■ Instructions to follow
Beginning at the top of the data below, write out every line exactly until you reach the line with "N$9: ATXMEGA32E5.13(PC3) PC3.TP", and include that line.

##########

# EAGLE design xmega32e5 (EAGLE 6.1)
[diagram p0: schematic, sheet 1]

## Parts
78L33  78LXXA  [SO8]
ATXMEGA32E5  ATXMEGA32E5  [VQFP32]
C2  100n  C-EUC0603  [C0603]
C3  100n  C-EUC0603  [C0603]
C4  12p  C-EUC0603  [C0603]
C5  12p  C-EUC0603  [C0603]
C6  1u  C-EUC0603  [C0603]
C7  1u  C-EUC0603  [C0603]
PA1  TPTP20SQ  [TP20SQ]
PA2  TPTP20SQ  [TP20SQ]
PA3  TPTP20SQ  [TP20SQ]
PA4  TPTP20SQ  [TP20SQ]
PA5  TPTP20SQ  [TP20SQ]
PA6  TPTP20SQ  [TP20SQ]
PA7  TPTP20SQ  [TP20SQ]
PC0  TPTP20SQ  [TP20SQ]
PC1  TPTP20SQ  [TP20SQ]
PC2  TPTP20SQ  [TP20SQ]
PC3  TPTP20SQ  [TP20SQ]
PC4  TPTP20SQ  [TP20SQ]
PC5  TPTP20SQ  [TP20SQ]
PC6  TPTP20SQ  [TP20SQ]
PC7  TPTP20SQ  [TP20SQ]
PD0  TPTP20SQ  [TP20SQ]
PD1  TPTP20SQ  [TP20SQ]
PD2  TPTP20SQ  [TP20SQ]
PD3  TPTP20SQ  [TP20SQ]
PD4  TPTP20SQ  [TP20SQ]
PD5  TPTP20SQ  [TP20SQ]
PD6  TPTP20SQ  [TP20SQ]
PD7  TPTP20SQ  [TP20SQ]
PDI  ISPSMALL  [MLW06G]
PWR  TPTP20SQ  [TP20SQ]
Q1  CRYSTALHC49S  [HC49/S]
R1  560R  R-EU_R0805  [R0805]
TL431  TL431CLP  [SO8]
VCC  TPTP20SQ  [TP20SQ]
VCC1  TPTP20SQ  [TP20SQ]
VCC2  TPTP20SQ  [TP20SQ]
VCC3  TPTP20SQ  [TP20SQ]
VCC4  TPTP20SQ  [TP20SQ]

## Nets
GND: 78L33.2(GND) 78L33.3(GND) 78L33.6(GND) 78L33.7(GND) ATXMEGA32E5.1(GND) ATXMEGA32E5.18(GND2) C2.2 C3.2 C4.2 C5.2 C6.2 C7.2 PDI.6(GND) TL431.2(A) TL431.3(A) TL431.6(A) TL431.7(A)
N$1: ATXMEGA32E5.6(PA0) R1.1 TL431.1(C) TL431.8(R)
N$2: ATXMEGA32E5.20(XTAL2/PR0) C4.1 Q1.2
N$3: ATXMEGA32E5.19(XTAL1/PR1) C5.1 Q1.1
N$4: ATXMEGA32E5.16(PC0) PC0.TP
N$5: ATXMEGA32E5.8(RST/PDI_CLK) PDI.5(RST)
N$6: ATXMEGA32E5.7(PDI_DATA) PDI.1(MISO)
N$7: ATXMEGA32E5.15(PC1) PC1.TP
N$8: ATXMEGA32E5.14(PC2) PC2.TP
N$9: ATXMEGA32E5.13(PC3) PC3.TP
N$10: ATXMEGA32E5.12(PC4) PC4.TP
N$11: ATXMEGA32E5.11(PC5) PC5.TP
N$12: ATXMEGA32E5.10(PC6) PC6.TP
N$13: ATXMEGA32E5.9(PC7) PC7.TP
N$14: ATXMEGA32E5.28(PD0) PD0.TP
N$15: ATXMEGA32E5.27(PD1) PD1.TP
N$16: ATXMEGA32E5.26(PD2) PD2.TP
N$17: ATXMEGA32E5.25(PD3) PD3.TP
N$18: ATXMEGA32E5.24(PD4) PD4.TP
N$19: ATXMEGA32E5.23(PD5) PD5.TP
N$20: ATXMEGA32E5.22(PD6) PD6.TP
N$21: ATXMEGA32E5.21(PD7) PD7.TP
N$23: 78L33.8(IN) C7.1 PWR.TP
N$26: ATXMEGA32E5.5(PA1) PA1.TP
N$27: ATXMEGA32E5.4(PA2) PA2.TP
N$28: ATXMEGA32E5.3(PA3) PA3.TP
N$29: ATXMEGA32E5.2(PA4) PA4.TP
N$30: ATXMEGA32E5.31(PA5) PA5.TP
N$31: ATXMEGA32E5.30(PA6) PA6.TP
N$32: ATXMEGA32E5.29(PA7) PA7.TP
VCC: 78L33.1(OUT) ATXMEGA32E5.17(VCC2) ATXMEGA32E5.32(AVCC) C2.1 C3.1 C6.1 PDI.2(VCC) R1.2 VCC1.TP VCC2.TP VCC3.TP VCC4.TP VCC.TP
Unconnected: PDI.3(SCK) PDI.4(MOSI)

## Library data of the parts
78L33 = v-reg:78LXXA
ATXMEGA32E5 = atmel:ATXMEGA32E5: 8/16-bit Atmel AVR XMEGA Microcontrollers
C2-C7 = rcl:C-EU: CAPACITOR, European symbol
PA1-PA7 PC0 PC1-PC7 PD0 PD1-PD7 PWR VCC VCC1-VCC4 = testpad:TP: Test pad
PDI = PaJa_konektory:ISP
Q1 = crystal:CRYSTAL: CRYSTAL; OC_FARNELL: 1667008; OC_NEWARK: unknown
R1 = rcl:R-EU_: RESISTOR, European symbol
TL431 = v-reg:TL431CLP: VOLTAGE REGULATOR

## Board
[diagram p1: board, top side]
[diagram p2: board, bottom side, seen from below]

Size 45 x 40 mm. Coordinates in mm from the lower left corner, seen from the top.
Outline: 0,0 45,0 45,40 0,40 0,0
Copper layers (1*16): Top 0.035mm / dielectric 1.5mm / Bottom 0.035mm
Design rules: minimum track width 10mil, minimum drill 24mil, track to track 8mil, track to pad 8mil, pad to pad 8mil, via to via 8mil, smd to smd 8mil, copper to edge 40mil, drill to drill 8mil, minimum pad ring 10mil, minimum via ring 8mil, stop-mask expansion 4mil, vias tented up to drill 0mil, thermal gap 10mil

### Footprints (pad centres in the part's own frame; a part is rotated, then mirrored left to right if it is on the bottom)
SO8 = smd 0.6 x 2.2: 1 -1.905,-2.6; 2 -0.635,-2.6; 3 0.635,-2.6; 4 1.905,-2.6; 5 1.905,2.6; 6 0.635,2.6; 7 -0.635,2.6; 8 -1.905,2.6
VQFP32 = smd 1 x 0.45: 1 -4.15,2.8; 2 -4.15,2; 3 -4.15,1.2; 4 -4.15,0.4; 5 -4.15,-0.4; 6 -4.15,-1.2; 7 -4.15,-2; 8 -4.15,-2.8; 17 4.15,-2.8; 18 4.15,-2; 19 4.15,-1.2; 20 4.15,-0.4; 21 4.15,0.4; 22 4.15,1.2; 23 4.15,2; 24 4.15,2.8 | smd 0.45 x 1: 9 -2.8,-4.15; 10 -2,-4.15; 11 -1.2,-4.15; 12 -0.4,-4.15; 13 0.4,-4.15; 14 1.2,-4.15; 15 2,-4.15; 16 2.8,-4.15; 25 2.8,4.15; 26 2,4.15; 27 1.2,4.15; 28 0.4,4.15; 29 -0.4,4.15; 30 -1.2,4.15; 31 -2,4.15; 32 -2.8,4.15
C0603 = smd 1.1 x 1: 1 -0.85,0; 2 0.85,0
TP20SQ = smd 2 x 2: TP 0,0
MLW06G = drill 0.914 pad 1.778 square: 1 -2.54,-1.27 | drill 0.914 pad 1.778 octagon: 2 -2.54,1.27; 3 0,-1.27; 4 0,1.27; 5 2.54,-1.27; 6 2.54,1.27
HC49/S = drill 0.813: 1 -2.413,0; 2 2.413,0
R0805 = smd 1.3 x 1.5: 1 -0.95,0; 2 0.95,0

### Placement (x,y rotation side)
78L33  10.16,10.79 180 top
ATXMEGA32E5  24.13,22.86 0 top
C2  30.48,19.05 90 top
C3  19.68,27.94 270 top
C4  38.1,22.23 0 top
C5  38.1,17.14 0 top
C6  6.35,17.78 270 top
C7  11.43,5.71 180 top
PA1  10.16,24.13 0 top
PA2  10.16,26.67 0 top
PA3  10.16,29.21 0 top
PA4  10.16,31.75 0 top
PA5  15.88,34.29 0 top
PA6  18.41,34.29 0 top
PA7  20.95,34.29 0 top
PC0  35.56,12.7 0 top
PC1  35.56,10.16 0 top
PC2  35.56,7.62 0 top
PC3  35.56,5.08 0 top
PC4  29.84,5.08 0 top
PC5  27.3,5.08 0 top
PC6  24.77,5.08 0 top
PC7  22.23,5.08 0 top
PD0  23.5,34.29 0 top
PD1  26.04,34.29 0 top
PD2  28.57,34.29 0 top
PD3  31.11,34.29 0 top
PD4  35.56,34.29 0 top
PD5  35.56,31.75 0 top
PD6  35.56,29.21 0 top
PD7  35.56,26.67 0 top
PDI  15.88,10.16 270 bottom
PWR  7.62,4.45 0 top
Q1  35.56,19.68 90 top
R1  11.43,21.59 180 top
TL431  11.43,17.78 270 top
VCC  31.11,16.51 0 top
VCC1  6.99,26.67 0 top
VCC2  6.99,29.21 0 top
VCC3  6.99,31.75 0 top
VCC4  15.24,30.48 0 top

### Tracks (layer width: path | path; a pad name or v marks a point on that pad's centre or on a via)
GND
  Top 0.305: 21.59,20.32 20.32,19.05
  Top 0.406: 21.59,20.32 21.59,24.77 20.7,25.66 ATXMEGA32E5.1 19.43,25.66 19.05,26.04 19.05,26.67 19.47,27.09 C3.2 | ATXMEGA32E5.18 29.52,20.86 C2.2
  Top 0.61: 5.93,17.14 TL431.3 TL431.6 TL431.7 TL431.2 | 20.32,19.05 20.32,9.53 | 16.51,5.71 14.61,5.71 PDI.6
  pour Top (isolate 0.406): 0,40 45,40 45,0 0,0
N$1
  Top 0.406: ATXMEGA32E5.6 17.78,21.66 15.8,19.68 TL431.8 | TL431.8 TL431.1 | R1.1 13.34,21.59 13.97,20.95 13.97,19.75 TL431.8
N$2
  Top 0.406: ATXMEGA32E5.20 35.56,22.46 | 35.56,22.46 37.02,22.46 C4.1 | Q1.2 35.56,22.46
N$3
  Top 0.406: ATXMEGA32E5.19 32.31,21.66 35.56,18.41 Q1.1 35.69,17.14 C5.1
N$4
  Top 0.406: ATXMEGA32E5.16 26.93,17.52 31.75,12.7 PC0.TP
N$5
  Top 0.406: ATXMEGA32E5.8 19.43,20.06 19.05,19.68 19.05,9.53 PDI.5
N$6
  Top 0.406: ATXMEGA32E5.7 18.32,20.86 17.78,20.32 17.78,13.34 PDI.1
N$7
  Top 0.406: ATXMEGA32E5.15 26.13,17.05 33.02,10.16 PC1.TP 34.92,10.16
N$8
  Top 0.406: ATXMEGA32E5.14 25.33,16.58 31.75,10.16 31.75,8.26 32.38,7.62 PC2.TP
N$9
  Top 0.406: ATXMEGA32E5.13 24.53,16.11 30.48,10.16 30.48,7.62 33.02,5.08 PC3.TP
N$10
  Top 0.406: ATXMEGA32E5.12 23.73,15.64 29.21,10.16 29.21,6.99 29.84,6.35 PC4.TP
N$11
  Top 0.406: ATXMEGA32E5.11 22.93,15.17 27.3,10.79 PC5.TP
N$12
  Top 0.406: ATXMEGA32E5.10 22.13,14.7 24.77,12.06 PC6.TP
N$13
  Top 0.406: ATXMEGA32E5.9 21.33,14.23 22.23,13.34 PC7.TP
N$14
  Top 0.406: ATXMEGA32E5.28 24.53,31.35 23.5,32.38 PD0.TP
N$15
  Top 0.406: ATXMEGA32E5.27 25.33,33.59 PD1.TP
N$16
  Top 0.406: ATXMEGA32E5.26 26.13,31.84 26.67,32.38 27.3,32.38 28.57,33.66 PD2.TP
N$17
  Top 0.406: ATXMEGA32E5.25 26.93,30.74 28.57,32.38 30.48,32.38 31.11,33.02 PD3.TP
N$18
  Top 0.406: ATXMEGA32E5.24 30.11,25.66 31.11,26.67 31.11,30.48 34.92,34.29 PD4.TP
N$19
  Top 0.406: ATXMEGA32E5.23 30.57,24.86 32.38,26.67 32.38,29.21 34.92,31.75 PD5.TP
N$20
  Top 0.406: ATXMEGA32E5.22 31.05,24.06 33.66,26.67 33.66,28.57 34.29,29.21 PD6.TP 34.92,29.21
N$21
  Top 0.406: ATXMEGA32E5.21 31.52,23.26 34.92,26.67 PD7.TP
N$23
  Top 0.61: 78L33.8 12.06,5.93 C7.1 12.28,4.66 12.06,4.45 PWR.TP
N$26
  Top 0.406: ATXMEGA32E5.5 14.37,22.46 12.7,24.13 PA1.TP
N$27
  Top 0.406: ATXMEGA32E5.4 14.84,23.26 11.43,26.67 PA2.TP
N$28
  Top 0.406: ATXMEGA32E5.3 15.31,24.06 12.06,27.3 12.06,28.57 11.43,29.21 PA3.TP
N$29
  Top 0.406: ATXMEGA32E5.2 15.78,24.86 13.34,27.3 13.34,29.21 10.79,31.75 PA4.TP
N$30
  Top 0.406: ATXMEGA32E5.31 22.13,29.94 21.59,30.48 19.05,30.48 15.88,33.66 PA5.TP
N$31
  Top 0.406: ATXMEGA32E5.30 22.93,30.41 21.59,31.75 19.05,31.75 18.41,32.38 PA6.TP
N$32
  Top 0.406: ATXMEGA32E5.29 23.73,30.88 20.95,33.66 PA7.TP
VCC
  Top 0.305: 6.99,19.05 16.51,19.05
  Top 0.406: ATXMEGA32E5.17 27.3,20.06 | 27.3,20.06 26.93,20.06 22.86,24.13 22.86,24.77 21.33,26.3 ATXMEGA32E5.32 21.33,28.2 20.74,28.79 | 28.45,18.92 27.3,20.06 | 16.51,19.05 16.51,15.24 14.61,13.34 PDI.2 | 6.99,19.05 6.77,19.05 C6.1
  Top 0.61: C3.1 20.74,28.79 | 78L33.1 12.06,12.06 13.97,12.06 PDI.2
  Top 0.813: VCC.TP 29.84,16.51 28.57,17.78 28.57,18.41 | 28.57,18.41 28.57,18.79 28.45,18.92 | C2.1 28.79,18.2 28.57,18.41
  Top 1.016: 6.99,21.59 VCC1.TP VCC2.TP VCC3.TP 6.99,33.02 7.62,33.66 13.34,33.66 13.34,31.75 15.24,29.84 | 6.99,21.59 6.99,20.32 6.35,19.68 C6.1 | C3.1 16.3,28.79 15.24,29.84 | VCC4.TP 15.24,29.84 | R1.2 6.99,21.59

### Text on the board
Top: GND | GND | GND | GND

##########

■ Solution for this exercise
# EAGLE design xmega32e5 (EAGLE 6.1)
[diagram p0: schematic, sheet 1]

## Parts
78L33  78LXXA  [SO8]
ATXMEGA32E5  ATXMEGA32E5  [VQFP32]
C2  100n  C-EUC0603  [C0603]
C3  100n  C-EUC0603  [C0603]
C4  12p  C-EUC0603  [C0603]
C5  12p  C-EUC0603  [C0603]
C6  1u  C-EUC0603  [C0603]
C7  1u  C-EUC0603  [C0603]
PA1  TPTP20SQ  [TP20SQ]
PA2  TPTP20SQ  [TP20SQ]
PA3  TPTP20SQ  [TP20SQ]
PA4  TPTP20SQ  [TP20SQ]
PA5  TPTP20SQ  [TP20SQ]
PA6  TPTP20SQ  [TP20SQ]
PA7  TPTP20SQ  [TP20SQ]
PC0  TPTP20SQ  [TP20SQ]
PC1  TPTP20SQ  [TP20SQ]
PC2  TPTP20SQ  [TP20SQ]
PC3  TPTP20SQ  [TP20SQ]
PC4  TPTP20SQ  [TP20SQ]
PC5  TPTP20SQ  [TP20SQ]
PC6  TPTP20SQ  [TP20SQ]
PC7  TPTP20SQ  [TP20SQ]
PD0  TPTP20SQ  [TP20SQ]
PD1  TPTP20SQ  [TP20SQ]
PD2  TPTP20SQ  [TP20SQ]
PD3  TPTP20SQ  [TP20SQ]
PD4  TPTP20SQ  [TP20SQ]
PD5  TPTP20SQ  [TP20SQ]
PD6  TPTP20SQ  [TP20SQ]
PD7  TPTP20SQ  [TP20SQ]
PDI  ISPSMALL  [MLW06G]
PWR  TPTP20SQ  [TP20SQ]
Q1  CRYSTALHC49S  [HC49/S]
R1  560R  R-EU_R0805  [R0805]
TL431  TL431CLP  [SO8]
VCC  TPTP20SQ  [TP20SQ]
VCC1  TPTP20SQ  [TP20SQ]
VCC2  TPTP20SQ  [TP20SQ]
VCC3  TPTP20SQ  [TP20SQ]
VCC4  TPTP20SQ  [TP20SQ]

## Nets
GND: 78L33.2(GND) 78L33.3(GND) 78L33.6(GND) 78L33.7(GND) ATXMEGA32E5.1(GND) ATXMEGA32E5.18(GND2) C2.2 C3.2 C4.2 C5.2 C6.2 C7.2 PDI.6(GND) TL431.2(A) TL431.3(A) TL431.6(A) TL431.7(A)
N$1: ATXMEGA32E5.6(PA0) R1.1 TL431.1(C) TL431.8(R)
N$2: ATXMEGA32E5.20(XTAL2/PR0) C4.1 Q1.2
N$3: ATXMEGA32E5.19(XTAL1/PR1) C5.1 Q1.1
N$4: ATXMEGA32E5.16(PC0) PC0.TP
N$5: ATXMEGA32E5.8(RST/PDI_CLK) PDI.5(RST)
N$6: ATXMEGA32E5.7(PDI_DATA) PDI.1(MISO)
N$7: ATXMEGA32E5.15(PC1) PC1.TP
N$8: ATXMEGA32E5.14(PC2) PC2.TP
N$9: ATXMEGA32E5.13(PC3) PC3.TP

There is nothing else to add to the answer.